LD Hub analysis90 was conducted using summary-level results data of UL GWAS meta-analysis to estimate the genetic correlation between UL and 21 different traits/diseases, including various reproductive traits and cardiometabolic traits/diseases that have publicly available GWAS results on the LD Hub repository. Multiple-testing correction was performed (0.05/21 = 2.4 × 10−3). For gene-set and cell/tissue enrichment, summary statistics from the set of 8971 SNPs with suggestive (P< 1 × 10−5) or significant associations (P< 5 × 10−8) were analyzed using the Data-driven Expression-Prioritized Integration for Complex Traits (DEPICT) software65. Using the 1000 G EUR panel as a reference for LD calculations and the ‘clumping’ algorithm in PLINK91, we identified 104 independent loci at the suggestive threshold for DEPICT analyses (Supplementary Data 2). FDR < 0.05 was considered statistically significant. For SMR analysis, SNPs present in at least two studies in the summary statistics were considered. The analysis was run using eQTL data from the CAGE blood dataset66 and mQTLs from the LBC_BSGS blood dataset67.
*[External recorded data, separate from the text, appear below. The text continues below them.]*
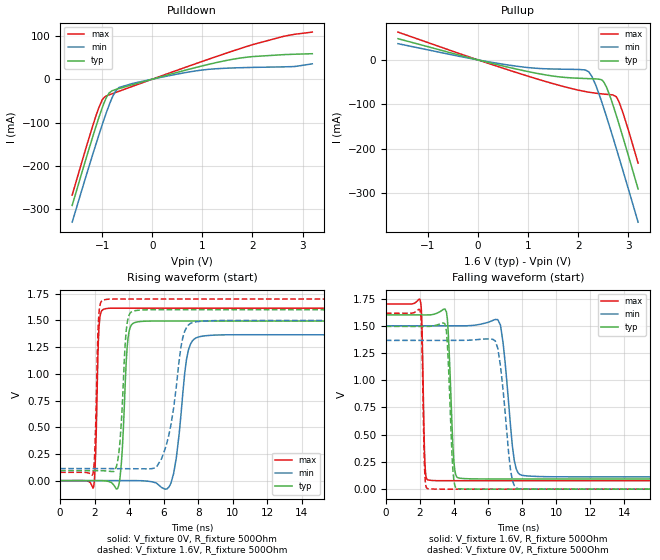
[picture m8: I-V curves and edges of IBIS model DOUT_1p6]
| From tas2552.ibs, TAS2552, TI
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|   Model
[Model]   DOUT_1p6
Model_type   Output
Polarity   Non-Inverting
Vmeas = 0.8
Vref = 0
Cref = 1pF
Rref = 1000000
|   typ   min   max
C_comp   1.241pF   1.153pF   1.378pF
[Voltage Range]   1.6   1.5   1.7
[Temperature Range]   27   125   -40
[Pullup Reference]   1.6   1.5   1.7
[Pulldown Reference]   -0   -0   -0
[Power Clamp Reference]   1.6   1.5   1.7
[GND Clamp Reference]   -0   -0   -0
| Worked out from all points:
|   slope of the pulldown table from 0 to 0.24 V, typ, clamps not added: 31.3 ohm
|   slope of the pullup table from 0 to 0.24 V, typ, clamps not added: 35.7 ohm
|   falling waveform, V_fixture 1.6V, R_fixture 500Ohm: 20-80 % time 232ps typ, 470ps min, 122ps max; typ from 1.6 V to 0.094 V
|   rising waveform, V_fixture 0V, R_fixture 500Ohm: 20-80 % time 258ps typ, 512ps min, 144ps max; typ from 0 V to 1.49 V
|   rising waveform, V_fixture 1.6V, R_fixture 500Ohm: 20-80 % time 296ps typ, 735ps min, 153ps max; typ from 0.094 V to 1.6 V
|   falling waveform, V_fixture 0V, R_fixture 500Ohm: 20-80 % time 234ps typ, 494ps min, 121ps max; typ from 1.49 V to 0 V
[Pulldown]
|   Voltage   I(typ)   I(min)   I(max)
-1.6V     -291.2mA   -329.9mA   -267.4mA
-1.187V   -132.1mA   -172.8mA   -106.9mA
-1.077V   -92.04mA   -132.4mA   -68.56mA
-1.005V   -67.66mA   -106.9mA   -48.92mA
-923.2mV  -43.92mA   -79.11mA   -39.13mA
-860.8mV  -31.85mA   -59.33mA   -36.16mA
-736mV    -24.02mA   -28.02mA   -30.87mA
-668.8mV  -21.76mA   -19.41mA   -28.04mA
675.2mV   21.14mA    15.42mA    27.9mA
1.582V    45.43mA    25.76mA    64.02mA
2.629V    56.63mA    28.42mA    99.03mA
3.195V    58.72mA    35.34mA    108.6mA
[Pullup]
|   Voltage   I(typ)   I(min)   I(max)
-1.6V     47.9mA     36.65mA    62.75mA
958.4mV   -25.35mA   -16.78mA   -35.29mA
1.597V    -37.89mA   -20.72mA   -56.63mA
2.139V    -41.94mA   -22.61mA   -71.25mA
2.206V    -42.22mA   -26.59mA   -72.61mA
2.274V    -42.48mA   -37.4mA    -73.82mA
2.35V     -42.79mA   -57.05mA   -75.03mA
2.504V    -48.86mA   -106.8mA   -76.96mA
2.571V    -63.05mA   -130.4mA   -77.65mA
2.768V    -128mA     -202.7mA   -84.44mA
2.893V    -174.4mA   -249.7mA   -119.1mA
3.195V    -291.1mA   -365.9mA   -232.7mA
[Ramp]
R_load = 500
|   typ   min   max
dV/dt_r   0.896442/2.58487e-10   0.819506/5.11747e-10   0.968975/1.43984e-10
dV/dt_f   0.903756/2.3181e-10   0.83214/4.70242e-10   0.973375/1.22293e-10
[Falling Waveform]
V_fixture = 1.6V
V_fixture_min = 1.5V
V_fixture_max = 1.7V
R_fixture = 500Ohm
C_fixture = 0F
|   Time   V(typ)   V(min)   V(max)
0s        1.6V       1.5V       1.7V
2.011ns   1.6V       1.5V       1.737V
2.314ns   1.599V     1.5V       179.6mV
2.635ns   1.601V     1.5V       80.86mV
3.556ns   1.627V     1.5V       77.72mV
3.989ns   264.5mV    1.499V     77.68mV
4.361ns   100.5mV    1.499V     77.68mV
6.736ns   93.7mV     1.506V     77.68mV
8.305ns   93.7mV     121.5mV    77.68mV
100ns     93.74mV    113.1mV    77.71mV
[Rising Waveform]
V_fixture = 0V
V_fixture_min = 0V
V_fixture_max = 0V
R_fixture = 500Ohm
C_fixture = 0F
|   Time   V(typ)   V(min)   V(max)
0s        962.6pV    31.74nV    348.3pV
1.941ns   209.1uV    158.2uV    -58.11mV
2.265ns   243.9uV    184.6uV    1.462V
2.749ns   -5.636mV   224.1uV    1.613V
3.398ns   -45.21mV   276.9uV    1.615V
4.652ns   1.49V      -606.6uV   1.615V
6.426ns   1.494V     -22.38mV   1.615V
7.438ns   1.494V     1.224V     1.615V
8.561ns   1.494V     1.359V     1.615V
100ns     1.494V     1.366V     1.615V
[Rising Waveform]
V_fixture = 1.6V
V_fixture_min = 1.5V
V_fixture_max = 1.7V
R_fixture = 500Ohm
C_fixture = 0F
|   Time   V(typ)   V(min)   V(max)
0s        93.74mV    113.1mV    77.71mV
1.906ns   93.37mV    113.1mV    65.26mV
2.241ns   93.11mV    113mV      1.549V
2.749ns   89.41mV    112.7mV    1.698V
3.327ns   176.3mV    112.2mV    1.7V
4.478ns   1.595V     111.1mV    1.7V
5.88ns    1.6V       205.7mV    1.7V
7.11ns    1.6V       1.34V      1.7V
8.124ns   1.6V       1.492V     1.7V
100ns     1.6V       1.5V       1.7V
[Falling Waveform]
|Gnd
V_fixture = 0V
V_fixture_min = 0V
V_fixture_max = 0V
R_fixture = 500Ohm
C_fixture = 0F
|   Time   V(typ)   V(min)   V(max)
0s        1.494V     1.366V     1.615V
2.011ns   1.494V     1.366V     1.638V
2.289ns   1.494V     1.366V     127.4mV
2.489ns   1.494V     1.366V     3.558mV
3.556ns   1.451V     1.366V     -11.56uV
3.935ns   178.2mV    1.366V     -11.52uV
4.206ns   4.302mV    1.366V     -11.48uV
6.426ns   -17.54uV   1.362V     -11.22uV
7.876ns   -17.26uV   2.917mV    -11.04uV
100ns     993.4pV    31.77nV    347.7pV

FOXO1 immunohistochemistry and genotyping

FOXO1 immunostaining was performed on two replicate tissue microarrays (TMAs) containing 335 UL and 36 myometrium tissue samples from 200 white women of European ancestry obtained from myomectomies and hysterectomies. Tissue cores on the replicate TMAs represent different regions of the same samples, which include corresponding tumor-normal tissue pairs from 35 women. Immunohistochemistry was carried out using the BOND staining system (Leica Biosystems, Buffalo Grove, IL) with a primary antibody dilution 1:100 (clone C29H4, Cell Signaling Technology, Danvers, MA) and hematoxylin as the counterstain. Immunostaining was analyzed using Aperio ImageScope software (Leica Biosystems). Each core was evaluated for the ratio of stain to counterstain taking into account variable cellularity between cores. Only nuclear labeling of the protein was evaluated. The average stain-to-counterstain ratio was compared between patient-matched UL and myometrium samples using a paired t-test (two-tailed), while an unpaired t-test (Welch’s t-test, two-tailed) was applied to compare all UL and myometrium samples. Genomic DNA from 109 UL on the TMA was available for genotyping. These UL were genotyped for two SNPs with genome-wide significance at the 13q14.11 locus: rs6563799 and rs7986407. For each SNP, the average FOXO1 stain-to-counterstain ratio was compared across increasing dosage of the risk allele using a one-way analysis of variance test (two-tailed). We also performed an unpaired t-test to compare mean expression of UL homozygous for the risk variant against the other genotypes (Welch’s t-test, two-tailed). P-values < 0.05 were considered statistically significant.

URLs

For WHS see http://whs.bwh.harvard.edu/; for NFBC see http://www.oulu.fi/nfbc/; for QIMR see http://www.qimrberghofer.edu.au/; for UK Biobank see http://www.ukbiobank.ac.uk/; for 23andMe see https://research.23andme.com/; for METAL see http://csg.sph.umich.edu/abecasis/metal/; for LDSC see https://github.com/bulik/ldsc.git; for DEPICT see https://data.broadinstitute.org/mpg/depict/; for SMR see http://cnsgenomics.com/software/smr/; and for PLINK see http://pngu.mgh.harvard.edu/purcell/plink/.

Reporting summary

Further information on research design is available in the Nature Research Reporting Summary linked to this article.